--- DATA TO USE Enclosed Below ---
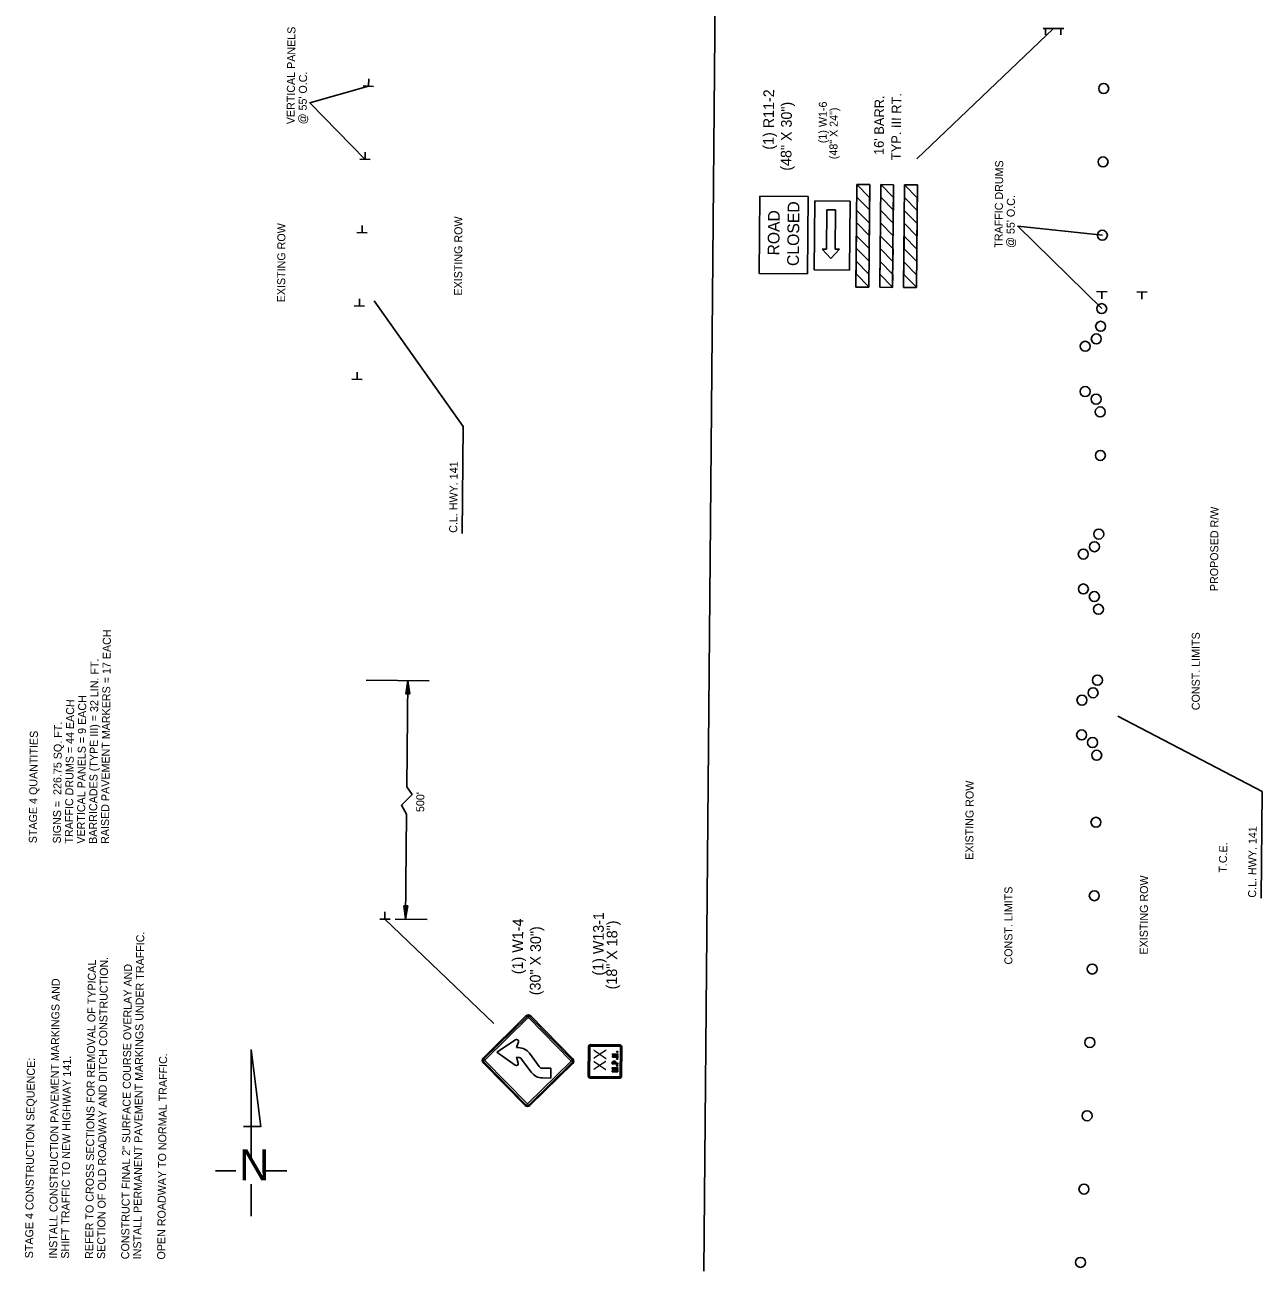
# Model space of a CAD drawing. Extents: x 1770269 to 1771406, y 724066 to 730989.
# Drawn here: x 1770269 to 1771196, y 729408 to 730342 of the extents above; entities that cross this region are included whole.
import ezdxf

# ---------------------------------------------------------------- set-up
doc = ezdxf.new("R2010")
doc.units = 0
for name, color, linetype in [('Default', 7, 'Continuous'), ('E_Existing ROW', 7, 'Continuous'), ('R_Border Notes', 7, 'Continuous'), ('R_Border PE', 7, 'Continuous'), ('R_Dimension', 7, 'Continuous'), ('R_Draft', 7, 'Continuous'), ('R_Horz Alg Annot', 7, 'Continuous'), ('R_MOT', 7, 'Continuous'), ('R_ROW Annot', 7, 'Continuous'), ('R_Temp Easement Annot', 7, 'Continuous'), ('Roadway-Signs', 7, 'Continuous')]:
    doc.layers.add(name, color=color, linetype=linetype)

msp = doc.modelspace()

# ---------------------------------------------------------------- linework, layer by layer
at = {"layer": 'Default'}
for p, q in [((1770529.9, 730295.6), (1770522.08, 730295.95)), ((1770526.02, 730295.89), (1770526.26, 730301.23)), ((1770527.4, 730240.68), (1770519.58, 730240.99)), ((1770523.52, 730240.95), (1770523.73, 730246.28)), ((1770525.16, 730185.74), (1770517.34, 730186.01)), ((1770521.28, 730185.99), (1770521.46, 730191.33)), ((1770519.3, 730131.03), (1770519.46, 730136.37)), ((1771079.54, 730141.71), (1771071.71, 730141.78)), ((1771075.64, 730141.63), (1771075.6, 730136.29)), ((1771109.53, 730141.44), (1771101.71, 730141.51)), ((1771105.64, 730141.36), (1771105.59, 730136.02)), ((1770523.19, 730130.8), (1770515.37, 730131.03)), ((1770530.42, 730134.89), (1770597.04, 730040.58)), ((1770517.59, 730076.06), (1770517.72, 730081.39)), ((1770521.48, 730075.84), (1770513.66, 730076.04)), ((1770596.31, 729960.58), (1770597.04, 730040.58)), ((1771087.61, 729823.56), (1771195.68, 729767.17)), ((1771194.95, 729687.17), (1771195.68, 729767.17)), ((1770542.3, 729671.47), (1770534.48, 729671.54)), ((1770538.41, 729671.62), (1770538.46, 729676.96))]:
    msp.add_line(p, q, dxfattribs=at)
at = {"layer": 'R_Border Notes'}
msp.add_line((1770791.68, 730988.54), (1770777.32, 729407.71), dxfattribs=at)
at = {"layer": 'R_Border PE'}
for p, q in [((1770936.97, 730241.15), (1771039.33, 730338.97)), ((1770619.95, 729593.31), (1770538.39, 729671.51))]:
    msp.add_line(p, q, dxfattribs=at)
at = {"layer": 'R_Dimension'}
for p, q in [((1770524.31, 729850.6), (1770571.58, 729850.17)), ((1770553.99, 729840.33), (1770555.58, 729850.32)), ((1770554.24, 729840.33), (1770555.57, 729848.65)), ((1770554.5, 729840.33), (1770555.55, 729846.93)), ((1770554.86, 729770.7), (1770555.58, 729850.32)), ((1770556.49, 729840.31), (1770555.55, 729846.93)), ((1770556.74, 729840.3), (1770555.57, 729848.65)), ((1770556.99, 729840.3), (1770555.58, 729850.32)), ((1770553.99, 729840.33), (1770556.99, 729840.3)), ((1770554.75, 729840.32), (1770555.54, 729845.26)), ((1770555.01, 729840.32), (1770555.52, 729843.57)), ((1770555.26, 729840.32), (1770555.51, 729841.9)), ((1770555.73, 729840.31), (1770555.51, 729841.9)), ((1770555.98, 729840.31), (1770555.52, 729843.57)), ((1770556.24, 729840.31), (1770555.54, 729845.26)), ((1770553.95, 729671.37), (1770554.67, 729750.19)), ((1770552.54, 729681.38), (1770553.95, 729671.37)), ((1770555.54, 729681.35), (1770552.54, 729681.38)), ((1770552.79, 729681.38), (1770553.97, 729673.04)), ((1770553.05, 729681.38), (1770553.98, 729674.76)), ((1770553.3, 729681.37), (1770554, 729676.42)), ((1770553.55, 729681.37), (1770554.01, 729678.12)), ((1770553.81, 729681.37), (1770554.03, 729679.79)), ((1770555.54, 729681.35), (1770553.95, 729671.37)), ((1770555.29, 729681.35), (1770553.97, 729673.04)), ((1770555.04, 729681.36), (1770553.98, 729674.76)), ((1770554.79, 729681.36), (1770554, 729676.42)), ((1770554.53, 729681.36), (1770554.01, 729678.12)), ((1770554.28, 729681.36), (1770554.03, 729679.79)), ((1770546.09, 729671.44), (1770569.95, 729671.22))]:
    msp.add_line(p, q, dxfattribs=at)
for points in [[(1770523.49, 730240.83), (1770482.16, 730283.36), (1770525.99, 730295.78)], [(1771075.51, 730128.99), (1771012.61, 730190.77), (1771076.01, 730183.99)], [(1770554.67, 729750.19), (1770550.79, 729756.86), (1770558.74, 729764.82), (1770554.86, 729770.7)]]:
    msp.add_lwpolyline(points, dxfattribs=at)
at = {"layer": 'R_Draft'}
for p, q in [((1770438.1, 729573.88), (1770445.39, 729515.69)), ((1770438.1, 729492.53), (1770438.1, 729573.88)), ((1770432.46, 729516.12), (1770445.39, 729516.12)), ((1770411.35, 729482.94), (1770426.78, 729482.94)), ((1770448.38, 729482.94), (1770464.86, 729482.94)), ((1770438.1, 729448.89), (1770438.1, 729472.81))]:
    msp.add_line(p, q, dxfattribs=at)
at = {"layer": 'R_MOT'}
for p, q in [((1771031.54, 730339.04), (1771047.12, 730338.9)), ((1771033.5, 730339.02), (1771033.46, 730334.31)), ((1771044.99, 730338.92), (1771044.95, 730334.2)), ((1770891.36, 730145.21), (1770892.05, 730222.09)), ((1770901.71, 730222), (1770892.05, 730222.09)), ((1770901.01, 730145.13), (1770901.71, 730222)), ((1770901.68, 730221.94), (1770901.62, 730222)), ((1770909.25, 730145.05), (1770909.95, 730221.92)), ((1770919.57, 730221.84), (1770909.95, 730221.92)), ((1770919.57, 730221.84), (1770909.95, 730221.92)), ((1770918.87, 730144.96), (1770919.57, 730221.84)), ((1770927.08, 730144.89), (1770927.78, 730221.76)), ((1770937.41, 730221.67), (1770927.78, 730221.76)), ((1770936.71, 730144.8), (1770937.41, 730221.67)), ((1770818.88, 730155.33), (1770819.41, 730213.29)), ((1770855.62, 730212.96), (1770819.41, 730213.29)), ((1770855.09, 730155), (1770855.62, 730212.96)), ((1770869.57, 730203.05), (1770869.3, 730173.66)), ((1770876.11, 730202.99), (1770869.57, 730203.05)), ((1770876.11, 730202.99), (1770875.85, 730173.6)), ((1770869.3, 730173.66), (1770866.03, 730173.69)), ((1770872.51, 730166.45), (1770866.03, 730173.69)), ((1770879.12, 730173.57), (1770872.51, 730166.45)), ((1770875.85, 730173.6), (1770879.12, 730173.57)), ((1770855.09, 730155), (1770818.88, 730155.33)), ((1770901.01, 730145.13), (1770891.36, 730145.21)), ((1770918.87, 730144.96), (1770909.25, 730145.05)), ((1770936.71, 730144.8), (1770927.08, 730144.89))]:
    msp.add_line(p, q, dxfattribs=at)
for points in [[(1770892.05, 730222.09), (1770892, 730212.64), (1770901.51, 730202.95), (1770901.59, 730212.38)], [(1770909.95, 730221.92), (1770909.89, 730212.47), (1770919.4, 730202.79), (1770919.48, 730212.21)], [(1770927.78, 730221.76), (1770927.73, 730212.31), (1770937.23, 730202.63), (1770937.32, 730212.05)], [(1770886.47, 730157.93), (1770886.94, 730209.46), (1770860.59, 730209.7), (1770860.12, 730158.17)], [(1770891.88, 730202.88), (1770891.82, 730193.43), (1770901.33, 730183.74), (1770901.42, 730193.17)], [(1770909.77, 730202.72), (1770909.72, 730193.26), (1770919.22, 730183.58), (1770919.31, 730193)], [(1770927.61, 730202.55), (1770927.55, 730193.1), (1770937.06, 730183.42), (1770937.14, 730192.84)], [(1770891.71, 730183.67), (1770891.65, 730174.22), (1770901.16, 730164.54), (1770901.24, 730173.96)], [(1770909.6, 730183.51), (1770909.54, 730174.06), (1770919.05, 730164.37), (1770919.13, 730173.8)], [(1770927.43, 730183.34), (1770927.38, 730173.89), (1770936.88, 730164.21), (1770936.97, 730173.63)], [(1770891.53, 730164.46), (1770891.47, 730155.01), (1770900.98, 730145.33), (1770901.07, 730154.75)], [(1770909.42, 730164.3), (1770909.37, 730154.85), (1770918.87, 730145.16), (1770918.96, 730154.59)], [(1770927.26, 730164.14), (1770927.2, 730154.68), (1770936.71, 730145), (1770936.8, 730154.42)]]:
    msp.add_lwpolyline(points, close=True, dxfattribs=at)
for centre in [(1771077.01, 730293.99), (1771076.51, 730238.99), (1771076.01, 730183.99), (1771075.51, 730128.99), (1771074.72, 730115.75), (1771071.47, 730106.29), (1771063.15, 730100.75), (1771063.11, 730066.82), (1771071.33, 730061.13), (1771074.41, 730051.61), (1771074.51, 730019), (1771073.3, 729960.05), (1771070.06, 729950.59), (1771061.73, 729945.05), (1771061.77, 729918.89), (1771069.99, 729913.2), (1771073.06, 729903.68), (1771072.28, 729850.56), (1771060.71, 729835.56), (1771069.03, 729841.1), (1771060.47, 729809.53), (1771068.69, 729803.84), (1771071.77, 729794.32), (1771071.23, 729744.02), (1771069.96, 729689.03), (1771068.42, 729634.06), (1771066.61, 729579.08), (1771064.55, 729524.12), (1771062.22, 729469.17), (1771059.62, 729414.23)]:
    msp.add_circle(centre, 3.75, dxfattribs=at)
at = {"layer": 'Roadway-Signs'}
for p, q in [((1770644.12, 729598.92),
--- End of Enclosed DATA TO USE ---
◆ **ACTIVITY**: Once a line of the records is found to contain "centre", copy it out.

◆ **OUTPUT OF THE EXERCISE**:
for centre in [(1771077.01, 730293.99), (1771076.51, 730238.99), (1771076.01, 730183.99), (1771075.51, 730128.99), (1771074.72, 730115.75), (1771071.47, 730106.29), (1771063.15, 730100.75), (1771063.11, 730066.82), (1771071.33, 730061.13), (1771074.41, 730051.61), (1771074.51, 730019), (1771073.3, 729960.05), (1771070.06, 729950.59), (1771061.73, 729945.05), (1771061.77, 729918.89), (1771069.99, 729913.2), (1771073.06, 729903.68), (1771072.28, 729850.56), (1771060.71, 729835.56), (1771069.03, 729841.1), (1771060.47, 729809.53), (1771068.69, 729803.84), (1771071.77, 729794.32), (1771071.23, 729744.02), (1771069.96, 729689.03), (1771068.42, 729634.06), (1771066.61, 729579.08), (1771064.55, 729524.12), (1771062.22, 729469.17), (1771059.62, 729414.23)]:
    msp.add_circle(centre, 3.75, dxfattribs=at)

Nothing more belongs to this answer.